Чатем, великий вождь новой национальной знати, был в этом качестве типичен в смысле цинизма и отсутствия малейших ограничений по отношению к колониям. Он бы сделал их свободными и даже привилегированными колониями, если бы мог сохранить их в качестве колоний. Бёрк, самый красноречивый голос вигов и в дальнейшем ярко зарекомендовавший себя как целиком и полностью аристократичный голос, пошел бы еще дальше. Даже с Нортом можно было договориться, хотя Георг III, будучи дураком, мог такой компромисс и отвергнуть. Но как бы то ни было, он уже не мог реализовать схему Болингброка и вернуть себе реальную власть.
В случае с американцами подлинная причина, приведшая к откровенному конфликту, была куда глубже этого конфликта. Дело вовсе не в мертвой монархии – дело в живой аристократии. Американцы объявили войну тому, кто был умнее и опаснее бедного старого Георга. Однако народное предание, особенно в Америке, рисует войну в первую очередь как поединок между Георгом III и Джорджем Вашингтоном – как обычно и случается с народными преданиями, такого рода рисунок в символическом смысле отнюдь не ложен.
Голова короля Георга приносила на троне пользы не больше, чем на вывеске таверны, но и вывеска зачастую становится знаком – знаком времени. Она располагалась над таверной, где продавали уже не английское, а немецкое пиво. Она обозначала ту линию политики вигов, в которой Чатем допускал терпимость по отношению к Америке, но был нетерпим к Америке в союзе с Францией. Эта деревянная вывеска символизировала – ни много ни мало – объединение с Фридрихом Великим. Она означала англо-германский союз, который значительно позже превратится в «старую как мир» тевтонскую расу.

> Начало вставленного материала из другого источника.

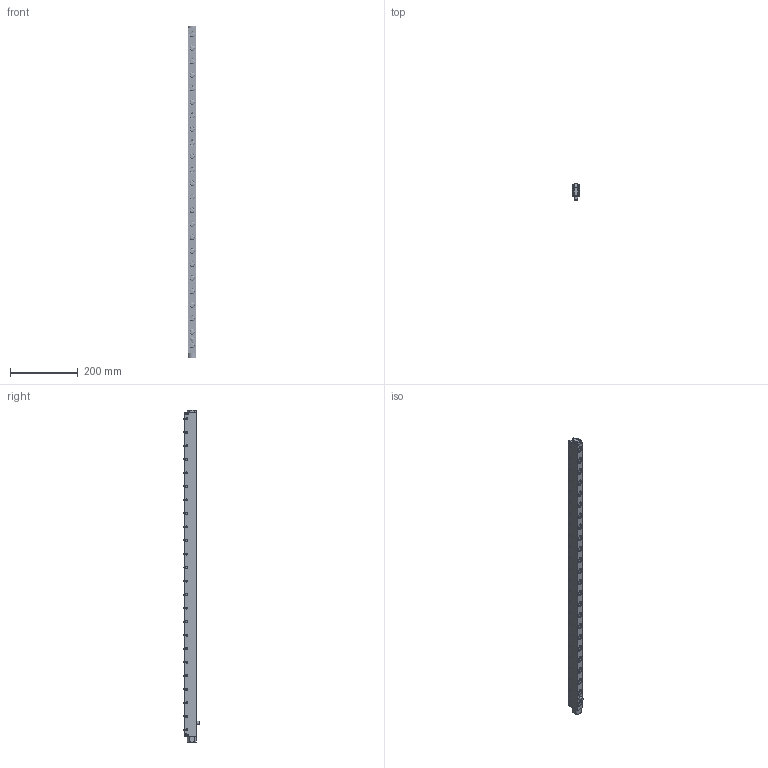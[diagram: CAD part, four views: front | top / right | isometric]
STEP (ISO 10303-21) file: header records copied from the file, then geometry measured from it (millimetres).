
FILE_DESCRIPTION(/* description */ (''),/* implementation_level */ '2;1');
FILE_NAME(/* name */ 'S:\EASCN Vault\Designs\Standard Part\DIE LIFTERS\EHR\EHR- 3D step\EHR22 - 3D step complete serie\EHR22-24.stp',/* time_stamp */ '2019-07-30T16:31:41+08:00',/* author */ ('yue.yang'),/* organization */ (''),/* preprocessor_version */ 'ST-DEVELOPER v17',/* originating_system */ 'Autodesk Inventor 2019',/* authorisation */ '');
FILE_SCHEMA (('AUTOMOTIVE_DESIGN { 1 0 10303 214 3 1 1 }'));
Products named in the file (1): EHR22-24_Shrinkwrap_1
Bounding box: 21.8 x 48.05 x 982 mm (x, y, z)
Volume: 597008.6 mm3; surface area: 228227 mm2
Topology: 11 solids, 11 shells, 1399 faces, 4179 edges, 2879 vertices
Faces by surface type: cylinder 477, plane 362, cone 268, torus 243, sphere 49
Full cylindrical faces by diameter (mm): 3 x9, 3.2 x8, 4 x8, 5 x96, 6 x33, 8.566 x1, 10 x3, 11 x24, 12.5 x48, 13.4 x24, 13.8 x24, 15.95 x48, 16 x51
Entity records: 53152 total; most frequent: CARTESIAN_POINT 11947, DIRECTION 9170, ORIENTED_EDGE 8298, EDGE_CURVE 4149, AXIS2_PLACEMENT_3D 4086, VERTEX_POINT 2881, CIRCLE 2686, EDGE_LOOP 1696
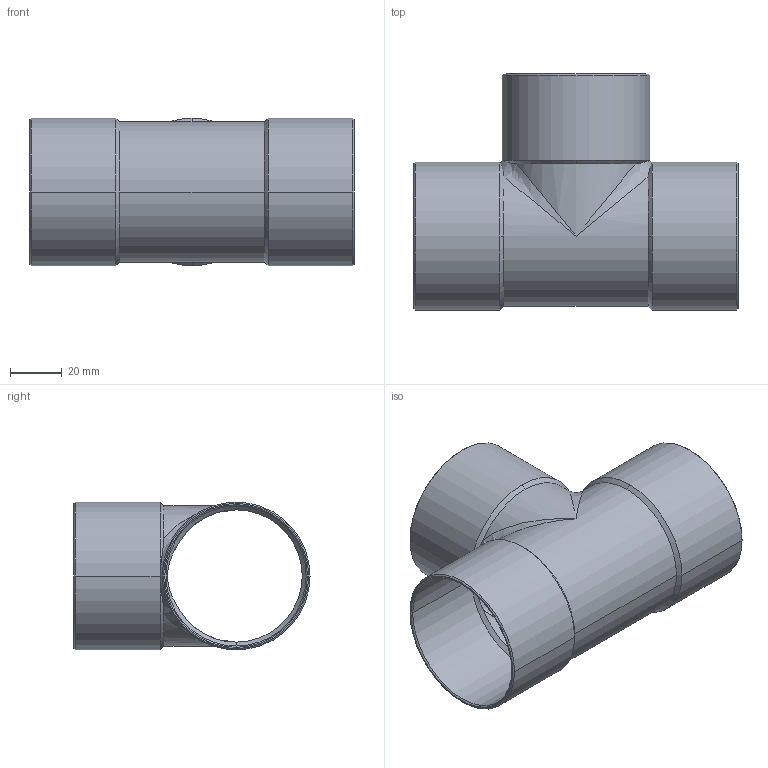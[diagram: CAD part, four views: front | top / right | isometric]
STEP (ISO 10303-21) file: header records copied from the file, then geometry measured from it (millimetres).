
FILE_DESCRIPTION((''),'2;1');
FILE_NAME('P:\Bouwmaten\z-maattekeningen 3D\5000\5130\d\513054.stp','2005-10-19T08:46:41',('Kris'),(''),'Autodesk Inventor 8','Autodesk Inventor 8','');
FILE_SCHEMA(('AUTOMOTIVE_DESIGN { 1 0 10303 214 1 1 1 1 }'));
Length unit declared in the file: millimetre
Products named in the file (1): 513054
Bounding box: 125 x 91 x 57 mm (x, y, z)
Volume: 39574.1 mm3; surface area: 53408.8 mm2
Topology: 1 solids, 1 shells, 51 faces, 142 edges, 84 vertices
Faces by surface type: cone 24, cylinder 20, bspline 4, plane 3
Entity records: 2175 total; most frequent: CARTESIAN_POINT 834, DIRECTION 310, ORIENTED_EDGE 268, AXIS2_PLACEMENT_3D 136, EDGE_CURVE 134, VERTEX_POINT 84, CIRCLE 72, EDGE_LOOP 54

Грубо говоря, Америку принудили к конфликту. Она хотела жить самостоятельно, что, иными словами, означало для нее быть свободной. Она не думала о своих обидах, как колония, она думала о своих правах, как республика. Негативные последствия от столь незначительных различий[398]
никогда не смогли бы изменить мир, если бы не воодушевляющее влияние великого идеала, а можно сказать, – и новой великой религии.Подлинная причина действий колонистов заключалась в ощущении, что они могут стать чем-то большим. Но они чувствовали, и чувствовали верно, что Англия не станет им в этом помогать. Англия, возможно, дала бы им все допустимые в рамках конституции льготы и привилегии, но Англия никогда бы не дала колонистам равенства. Здесь я имею в виду не равенство Америки с Англией, а равенство американцев между собой.
Чатем мог бы достигнуть компромисса с Вашингтоном, поскольку Вашингтон был джентльменом. Однако вряд ли Чатем мог вообразить себе страну, не управляемую джентльменами. Бёрк, скорее всего, готов быть дать Америке все, что она просит, однако даже он не был готов дать Америке то, что она в итоге получила. Если бы он увидел американскую демократию, она бы потрясла его так же, как его потрясла французская демократия. В общем, виги были либералами, этакими великодушными аристократами, но все же они были аристократами. Именно поэтому их уступки были столь же тщетны, как их завоевания.
Вот что можно было бы сказать, хоть это и довольно унизительно, о нашем сомнительном участии в отделении Америки. Не знаю, увеличит это наше унижение или уменьшит, но меня терзают подозрения, что мы вообще были здесь почти не при чем. Нас просто не брали в расчет. Ведь в действительности ни мы не преследовали американских колонистов, ни сами не были гонимы ими. Их просто манил свет, который был зажжен под другими небесами.
Этот свет пришел из Франции, как и армии Лафайета[399]
, прибывшие оттуда на помощь Вашингтону. Франция уже испытывала родовые муки той громадной духовной революции, которая скоро изменит облик мира. Ее принципы – и разрушительные и созидательные – были не до конца поняты современниками и остаются непонятыми по сей день, несмотря на ясность стиля, которым Руссо написал свой «Общественный договор», а Джефферсон «Декларацию независимости».Произнесите слово «равенство» в большинстве современных стран, и сотни дураков сразу вскочат и заявят, что некоторые люди, при внимательном рассмотрении, выше ростом или симпатичнее других лицом. Как будто за Дантоном не замечали, что он был длиннее Робеспьера, а Вашингтон не знал, что лицо у него симпатичнее, чем у Франклина.
Здесь нет места, чтобы вдаваться в философию. Вполне достаточно краткого пояснения в притчевой манере: если мы говорим, что все пенни одинаковы, мы вовсе не имеем в виду, что они одинаковы с виду. Мы имеем в виду, что они одинаковы лишь в одном абсолютном смысле, самом важном по отношении к ним. На практике это означает, что у монет равное достоинство и если мы соберем их двенадцать штук, то получится шиллинг.